The Occidental Indemnity was organized for the sole purpose of accommodating big West Coast shippers. A federal act had been passed requiring workmen's compensation for longshoremen, but no casualty company wanted to write it. Fire and marine companies were forbidden by law from writing casualty insurance, so to keep and enhance the good will of the Company's marine clients, Levison, with some trepidation, made his first venture into the casualty field. A year later the new company began writing liability and other casualty lines, and on this experience the decision to launch into the business on a nationwide basis was made. The Fireman's Fund Indemnity Company, with Charles Page as godfather, a capital of $1,000,000, and a surplus of $3,000,000, sprang full blown into competition in the fastest-growing section of the insurance industry.

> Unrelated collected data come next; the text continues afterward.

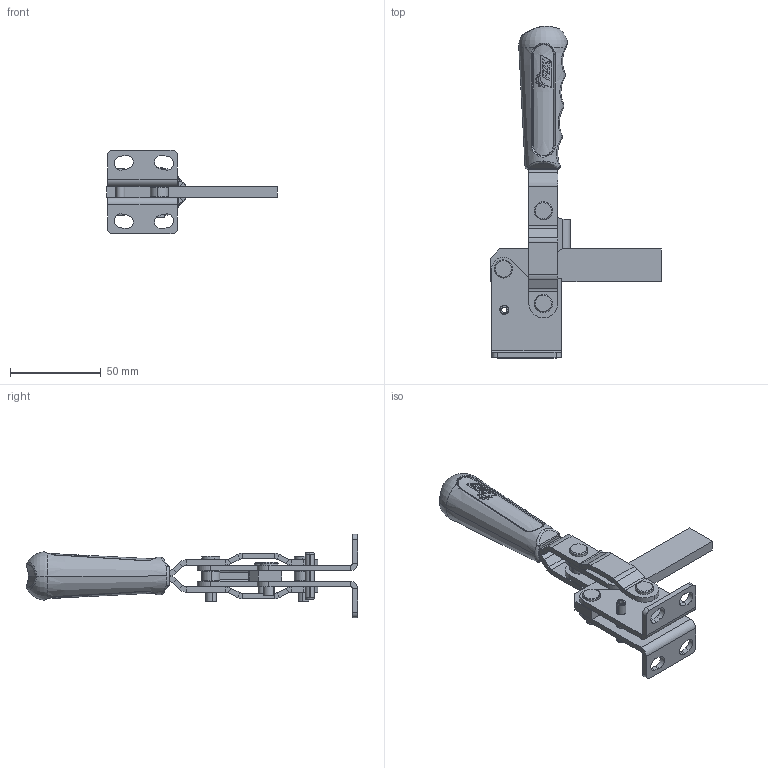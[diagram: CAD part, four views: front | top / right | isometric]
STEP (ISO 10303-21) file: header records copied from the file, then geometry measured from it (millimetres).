
FILE_DESCRIPTION (( 'STEP AP214' ), '1' );
FILE_NAME ('202_BL.STEP', '2024-09-09T16:27:16', ( '' ), ( '' ), 'SwSTEP 2.0', 'SolidWorks 2023', '' );
FILE_SCHEMA (( 'AUTOMOTIVE_DESIGN' ));
Length unit declared in the file: millimetre
Products named in the file (12): FZK_202_BL_02_00; spring pin slotted_hd_iso_Spring Pin ISO 8752 - 5 x 26 - St; FZK_202_B_02_00; FZK_202_B_05_00_202 B-06; FZK_202_B_06_00_202 B-07; 202_BL; FZK_202_B_02A_00; FZK_202_B_04_00; TTMK_01_00; FZK_202_B_07_00; FZK_202_B_03_00; FZK_202_BL_01_00
Assembly tree (15 placements, depth 3):
  202_BL
    FZK_202_B_02_00
      FZK_202_B_02A_00  x2
    TTMK_01_00
    FZK_202_B_03_00
    FZK_202_B_04_00
    FZK_202_BL_01_00
    FZK_202_BL_02_00
    FZK_202_B_05_00_202 B-06  x2
    FZK_202_B_06_00_202 B-07  x2
    FZK_202_B_07_00  x2
    spring pin slotted_hd_iso_Spring Pin ISO 8752 - 5 x 26 - St
Bounding box: 94 x 182.86 x 46 mm (x, y, z)
Volume: 69117.3 mm3; surface area: 43064.3 mm2
Topology: 14 solids, 14 shells, 634 faces, 1538 edges, 939 vertices
Faces by surface type: bspline 211, plane 176, cylinder 170, cone 51, sphere 20, torus 6
Entity records: 28577 total; most frequent: CARTESIAN_POINT 17304, ORIENTED_EDGE 2594, DIRECTION 1715, EDGE_CURVE 1297, VERTEX_POINT 809, AXIS2_PLACEMENT_3D 678, EDGE_LOOP 580, B_SPLINE_CURVE_WITH_KNOTS 578

Beginning in the 1920's, more and more emphasis was placed on the Eastern operations. When A. K. ("Pop") Simpson, who had succeeded Colonel Kellogg in 1909, retired in 1921 as manager of the Eastern Department, Levison hired Edward T. Cairns away from the North British & Mercantile to replace him. Cairns brought thirty-four-year-old Charles Crawford Hannah along with him, and in so doing started a chain of events that would have far-reaching effects on the course of the Company's history. When John Marshall retired as vice-president in 1928 because of poor health, Cairns was named to replace him and was called to the home office to take charge of all fire underwriting. Hannah moved up and began his search for an assistant to supervise Eastern fire underwriting. In 1929 he and Cairns approached James F. Crafts, a thirty-year-old assistant secretary of the Queen Insurance Company, with an offer of a second assistant managership of the Eastern Department. They had had an eye on the young man for years. In fact, the department's first assistant manager, Ralph Goodwin, had attempted to hire him away from the Queen as early as 1924. But Crafts was not interested in making a lateral move even if the change meant an increase in salary. His future with the Queen was excellent and he saw no reason to leave.

Fate took a hand the following year, however, when Goodwin, who had suffered from a chronic heart ailment, collapsed and died. Only then was Hannah able to prevail on Crafts to join him in the Company. Together, with Crafts one step behind, they advanced up the corporate ladder. Each in his turn was to become president of the Fireman's Fund.